■ TASK TO COMPLETE: Your answer should be every line from the records that contains "JANG".

[Stored data entries]
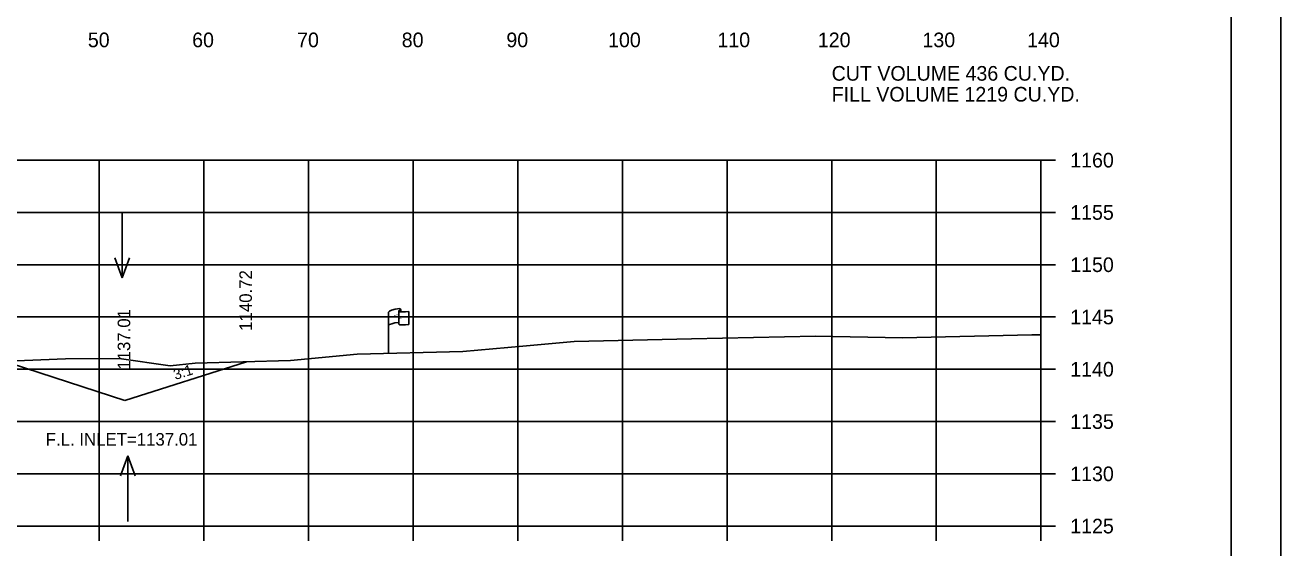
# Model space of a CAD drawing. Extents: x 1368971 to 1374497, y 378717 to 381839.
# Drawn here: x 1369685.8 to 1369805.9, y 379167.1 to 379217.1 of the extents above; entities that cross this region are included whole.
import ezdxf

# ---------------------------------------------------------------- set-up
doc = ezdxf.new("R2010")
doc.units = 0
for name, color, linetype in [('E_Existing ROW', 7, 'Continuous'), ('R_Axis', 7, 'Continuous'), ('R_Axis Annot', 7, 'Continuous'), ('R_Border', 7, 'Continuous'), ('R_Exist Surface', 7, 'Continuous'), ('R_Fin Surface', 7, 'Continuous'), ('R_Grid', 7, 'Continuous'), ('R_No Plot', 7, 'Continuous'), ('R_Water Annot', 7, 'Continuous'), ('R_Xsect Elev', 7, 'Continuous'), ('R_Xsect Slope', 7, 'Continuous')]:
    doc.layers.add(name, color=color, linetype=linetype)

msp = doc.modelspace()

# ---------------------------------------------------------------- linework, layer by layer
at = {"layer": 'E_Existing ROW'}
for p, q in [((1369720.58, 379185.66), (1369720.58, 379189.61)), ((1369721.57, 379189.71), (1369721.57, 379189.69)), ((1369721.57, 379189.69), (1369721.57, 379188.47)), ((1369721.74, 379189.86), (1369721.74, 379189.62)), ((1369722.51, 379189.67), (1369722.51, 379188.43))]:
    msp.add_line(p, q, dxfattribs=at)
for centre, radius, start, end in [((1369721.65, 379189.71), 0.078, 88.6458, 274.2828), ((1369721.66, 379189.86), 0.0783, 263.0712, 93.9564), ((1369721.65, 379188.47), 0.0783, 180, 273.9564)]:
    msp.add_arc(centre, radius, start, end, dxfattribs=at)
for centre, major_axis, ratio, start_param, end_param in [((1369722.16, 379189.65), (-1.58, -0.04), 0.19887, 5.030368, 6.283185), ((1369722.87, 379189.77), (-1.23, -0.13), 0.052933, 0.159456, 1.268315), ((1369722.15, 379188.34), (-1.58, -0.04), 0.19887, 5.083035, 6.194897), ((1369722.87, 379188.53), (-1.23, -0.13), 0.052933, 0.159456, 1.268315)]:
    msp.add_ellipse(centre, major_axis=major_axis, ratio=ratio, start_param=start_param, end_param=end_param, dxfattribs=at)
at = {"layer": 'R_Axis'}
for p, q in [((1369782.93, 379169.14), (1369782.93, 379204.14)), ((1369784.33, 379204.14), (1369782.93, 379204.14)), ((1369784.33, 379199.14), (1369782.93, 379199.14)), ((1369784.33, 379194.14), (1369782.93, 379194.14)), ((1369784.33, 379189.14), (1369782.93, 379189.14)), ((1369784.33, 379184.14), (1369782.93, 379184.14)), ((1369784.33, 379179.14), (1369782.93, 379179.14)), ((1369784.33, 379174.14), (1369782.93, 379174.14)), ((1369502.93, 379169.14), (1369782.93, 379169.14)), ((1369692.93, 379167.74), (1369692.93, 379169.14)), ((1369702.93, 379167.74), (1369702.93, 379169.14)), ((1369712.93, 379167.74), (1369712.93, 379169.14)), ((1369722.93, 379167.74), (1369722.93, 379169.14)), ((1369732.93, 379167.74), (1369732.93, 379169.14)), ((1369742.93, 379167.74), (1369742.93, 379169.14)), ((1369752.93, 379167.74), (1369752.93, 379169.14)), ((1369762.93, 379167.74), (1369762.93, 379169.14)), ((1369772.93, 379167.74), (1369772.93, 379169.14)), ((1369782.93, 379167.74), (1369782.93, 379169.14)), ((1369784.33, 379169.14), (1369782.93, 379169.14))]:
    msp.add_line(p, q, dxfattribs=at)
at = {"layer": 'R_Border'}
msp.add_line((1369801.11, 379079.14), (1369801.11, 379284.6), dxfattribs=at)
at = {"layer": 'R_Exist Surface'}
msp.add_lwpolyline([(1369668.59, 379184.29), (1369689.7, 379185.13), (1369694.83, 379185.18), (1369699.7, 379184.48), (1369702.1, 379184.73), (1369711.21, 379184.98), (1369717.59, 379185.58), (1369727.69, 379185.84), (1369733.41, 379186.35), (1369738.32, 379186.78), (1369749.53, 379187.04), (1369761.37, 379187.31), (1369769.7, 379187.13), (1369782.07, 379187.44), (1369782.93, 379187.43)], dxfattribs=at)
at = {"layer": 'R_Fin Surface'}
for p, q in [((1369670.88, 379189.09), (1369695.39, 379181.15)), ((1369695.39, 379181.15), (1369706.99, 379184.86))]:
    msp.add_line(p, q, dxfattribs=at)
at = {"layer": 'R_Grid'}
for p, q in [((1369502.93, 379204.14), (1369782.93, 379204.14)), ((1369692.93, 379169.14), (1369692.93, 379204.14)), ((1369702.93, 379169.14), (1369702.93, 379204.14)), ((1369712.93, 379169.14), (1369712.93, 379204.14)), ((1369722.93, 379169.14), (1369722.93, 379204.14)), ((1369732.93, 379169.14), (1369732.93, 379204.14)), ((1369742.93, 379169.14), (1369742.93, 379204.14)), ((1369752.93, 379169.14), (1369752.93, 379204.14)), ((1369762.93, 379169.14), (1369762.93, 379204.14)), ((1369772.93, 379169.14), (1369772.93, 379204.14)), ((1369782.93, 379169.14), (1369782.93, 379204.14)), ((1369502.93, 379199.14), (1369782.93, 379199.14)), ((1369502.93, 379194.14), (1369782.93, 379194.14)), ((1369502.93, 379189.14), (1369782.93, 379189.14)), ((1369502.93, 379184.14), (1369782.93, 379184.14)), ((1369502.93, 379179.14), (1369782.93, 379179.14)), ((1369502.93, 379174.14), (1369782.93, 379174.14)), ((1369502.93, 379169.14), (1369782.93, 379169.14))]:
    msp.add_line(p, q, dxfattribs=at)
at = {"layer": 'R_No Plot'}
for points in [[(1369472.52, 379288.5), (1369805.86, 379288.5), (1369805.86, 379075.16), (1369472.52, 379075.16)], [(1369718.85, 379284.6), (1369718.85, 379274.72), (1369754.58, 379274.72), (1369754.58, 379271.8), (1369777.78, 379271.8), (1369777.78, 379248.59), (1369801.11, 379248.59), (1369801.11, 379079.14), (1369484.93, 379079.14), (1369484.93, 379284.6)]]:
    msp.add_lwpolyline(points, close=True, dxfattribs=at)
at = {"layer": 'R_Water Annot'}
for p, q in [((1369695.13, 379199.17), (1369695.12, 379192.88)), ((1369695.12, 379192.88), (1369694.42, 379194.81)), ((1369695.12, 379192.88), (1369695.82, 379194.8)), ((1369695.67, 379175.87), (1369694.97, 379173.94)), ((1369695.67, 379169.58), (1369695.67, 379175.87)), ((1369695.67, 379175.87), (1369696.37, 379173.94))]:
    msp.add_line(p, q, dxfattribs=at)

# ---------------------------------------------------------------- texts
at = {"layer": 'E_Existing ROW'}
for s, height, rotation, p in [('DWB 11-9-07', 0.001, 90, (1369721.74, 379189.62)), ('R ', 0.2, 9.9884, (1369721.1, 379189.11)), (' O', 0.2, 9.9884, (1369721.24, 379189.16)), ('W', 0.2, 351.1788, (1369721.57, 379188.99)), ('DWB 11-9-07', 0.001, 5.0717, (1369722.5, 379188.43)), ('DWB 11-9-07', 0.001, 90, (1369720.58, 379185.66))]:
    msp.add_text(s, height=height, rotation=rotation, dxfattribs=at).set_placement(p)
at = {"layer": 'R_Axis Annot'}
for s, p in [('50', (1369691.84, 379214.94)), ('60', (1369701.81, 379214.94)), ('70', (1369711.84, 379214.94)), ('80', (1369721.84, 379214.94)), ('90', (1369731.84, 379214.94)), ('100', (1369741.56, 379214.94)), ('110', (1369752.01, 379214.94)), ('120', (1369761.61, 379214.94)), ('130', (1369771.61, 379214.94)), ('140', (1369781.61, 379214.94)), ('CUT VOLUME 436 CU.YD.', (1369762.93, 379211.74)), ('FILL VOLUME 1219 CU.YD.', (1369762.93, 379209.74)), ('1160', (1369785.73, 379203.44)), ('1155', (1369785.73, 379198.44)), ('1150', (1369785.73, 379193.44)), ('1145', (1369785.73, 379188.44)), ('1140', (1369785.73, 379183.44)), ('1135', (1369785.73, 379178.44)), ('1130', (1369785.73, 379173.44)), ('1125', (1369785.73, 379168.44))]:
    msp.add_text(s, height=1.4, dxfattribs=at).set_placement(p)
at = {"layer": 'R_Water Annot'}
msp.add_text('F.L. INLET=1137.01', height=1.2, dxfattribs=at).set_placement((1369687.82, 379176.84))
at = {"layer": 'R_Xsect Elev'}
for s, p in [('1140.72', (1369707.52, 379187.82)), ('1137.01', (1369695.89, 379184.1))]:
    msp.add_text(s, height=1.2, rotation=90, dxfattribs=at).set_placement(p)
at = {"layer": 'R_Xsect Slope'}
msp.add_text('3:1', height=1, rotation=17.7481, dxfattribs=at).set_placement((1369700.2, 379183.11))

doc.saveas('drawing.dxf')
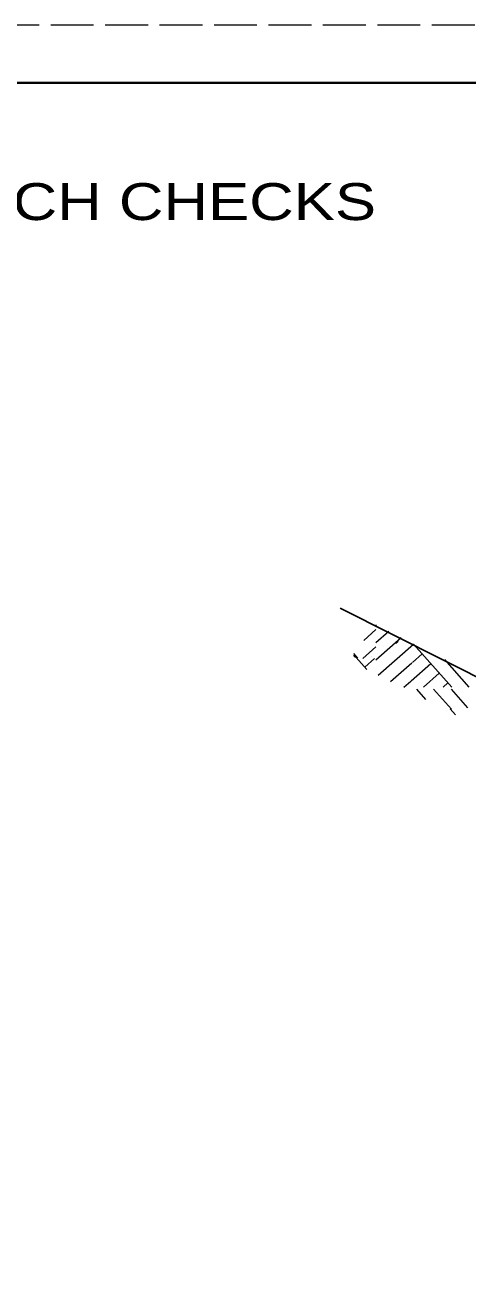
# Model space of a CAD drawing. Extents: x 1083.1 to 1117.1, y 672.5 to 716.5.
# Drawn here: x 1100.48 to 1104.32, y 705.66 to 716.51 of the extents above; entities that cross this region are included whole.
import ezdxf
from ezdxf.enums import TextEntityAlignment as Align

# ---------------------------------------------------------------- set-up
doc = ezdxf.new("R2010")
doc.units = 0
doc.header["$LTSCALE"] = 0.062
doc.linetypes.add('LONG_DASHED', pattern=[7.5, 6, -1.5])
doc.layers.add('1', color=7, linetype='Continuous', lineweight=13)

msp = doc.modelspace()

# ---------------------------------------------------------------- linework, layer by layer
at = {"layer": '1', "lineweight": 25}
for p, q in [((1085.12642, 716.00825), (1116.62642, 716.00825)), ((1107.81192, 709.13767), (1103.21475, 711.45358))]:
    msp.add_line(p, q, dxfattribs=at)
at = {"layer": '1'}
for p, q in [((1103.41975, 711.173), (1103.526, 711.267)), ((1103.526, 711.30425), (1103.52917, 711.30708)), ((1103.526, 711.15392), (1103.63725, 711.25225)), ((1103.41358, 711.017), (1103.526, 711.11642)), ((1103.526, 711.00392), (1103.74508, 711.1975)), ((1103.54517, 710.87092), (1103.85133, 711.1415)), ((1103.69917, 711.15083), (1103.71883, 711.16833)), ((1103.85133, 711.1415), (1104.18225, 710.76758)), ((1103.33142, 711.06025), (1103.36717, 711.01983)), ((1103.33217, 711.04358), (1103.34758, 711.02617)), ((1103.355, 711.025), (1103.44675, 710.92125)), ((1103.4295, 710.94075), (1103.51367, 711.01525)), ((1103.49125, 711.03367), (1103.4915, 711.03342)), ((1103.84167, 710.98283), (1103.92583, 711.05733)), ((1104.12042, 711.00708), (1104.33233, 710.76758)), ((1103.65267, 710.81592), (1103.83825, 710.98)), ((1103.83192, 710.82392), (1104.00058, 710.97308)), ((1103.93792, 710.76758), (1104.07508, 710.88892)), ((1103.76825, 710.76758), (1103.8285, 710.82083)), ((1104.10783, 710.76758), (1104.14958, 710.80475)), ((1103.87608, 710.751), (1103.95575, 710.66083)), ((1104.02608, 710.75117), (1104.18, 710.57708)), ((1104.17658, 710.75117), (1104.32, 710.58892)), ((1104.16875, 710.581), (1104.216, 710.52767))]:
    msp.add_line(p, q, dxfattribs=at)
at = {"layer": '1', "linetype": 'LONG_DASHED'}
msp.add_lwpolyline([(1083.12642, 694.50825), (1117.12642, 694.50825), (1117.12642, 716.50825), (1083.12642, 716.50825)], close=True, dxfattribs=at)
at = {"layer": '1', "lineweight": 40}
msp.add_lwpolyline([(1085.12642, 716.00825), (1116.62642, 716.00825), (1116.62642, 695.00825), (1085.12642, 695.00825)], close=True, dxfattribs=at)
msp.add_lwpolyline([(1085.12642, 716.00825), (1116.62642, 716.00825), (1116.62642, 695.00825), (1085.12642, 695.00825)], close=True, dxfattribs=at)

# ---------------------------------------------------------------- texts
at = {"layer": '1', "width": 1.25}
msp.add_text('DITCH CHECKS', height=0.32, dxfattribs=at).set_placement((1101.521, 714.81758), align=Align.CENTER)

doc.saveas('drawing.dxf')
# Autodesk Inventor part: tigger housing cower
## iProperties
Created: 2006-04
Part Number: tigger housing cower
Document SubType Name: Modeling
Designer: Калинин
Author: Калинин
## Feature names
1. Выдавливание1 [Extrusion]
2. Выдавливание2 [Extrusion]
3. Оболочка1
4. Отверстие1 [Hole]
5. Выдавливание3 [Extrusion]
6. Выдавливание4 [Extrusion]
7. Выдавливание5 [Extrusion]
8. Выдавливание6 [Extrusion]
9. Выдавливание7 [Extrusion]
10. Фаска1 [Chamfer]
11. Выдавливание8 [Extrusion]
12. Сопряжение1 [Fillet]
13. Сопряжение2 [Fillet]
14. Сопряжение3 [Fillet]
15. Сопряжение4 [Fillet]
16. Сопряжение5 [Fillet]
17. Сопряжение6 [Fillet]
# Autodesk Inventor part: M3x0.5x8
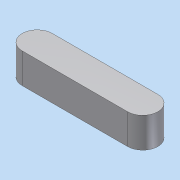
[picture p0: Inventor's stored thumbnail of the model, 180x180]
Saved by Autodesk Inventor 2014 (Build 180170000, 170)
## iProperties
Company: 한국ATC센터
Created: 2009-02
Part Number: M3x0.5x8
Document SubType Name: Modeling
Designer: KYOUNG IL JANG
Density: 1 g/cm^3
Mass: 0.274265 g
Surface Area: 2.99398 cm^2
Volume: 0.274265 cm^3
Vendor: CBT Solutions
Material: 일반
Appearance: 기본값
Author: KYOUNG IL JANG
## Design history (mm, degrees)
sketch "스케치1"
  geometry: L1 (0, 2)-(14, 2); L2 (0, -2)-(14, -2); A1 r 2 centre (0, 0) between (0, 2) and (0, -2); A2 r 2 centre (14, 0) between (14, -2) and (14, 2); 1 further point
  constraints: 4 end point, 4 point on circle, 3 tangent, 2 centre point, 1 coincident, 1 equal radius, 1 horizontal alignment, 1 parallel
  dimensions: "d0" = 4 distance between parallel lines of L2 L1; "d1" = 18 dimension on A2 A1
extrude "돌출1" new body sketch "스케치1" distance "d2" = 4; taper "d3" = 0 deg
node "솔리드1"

■ SOLUTION:
Designer: KYOUNG IL JANG
Author: KYOUNG IL JANG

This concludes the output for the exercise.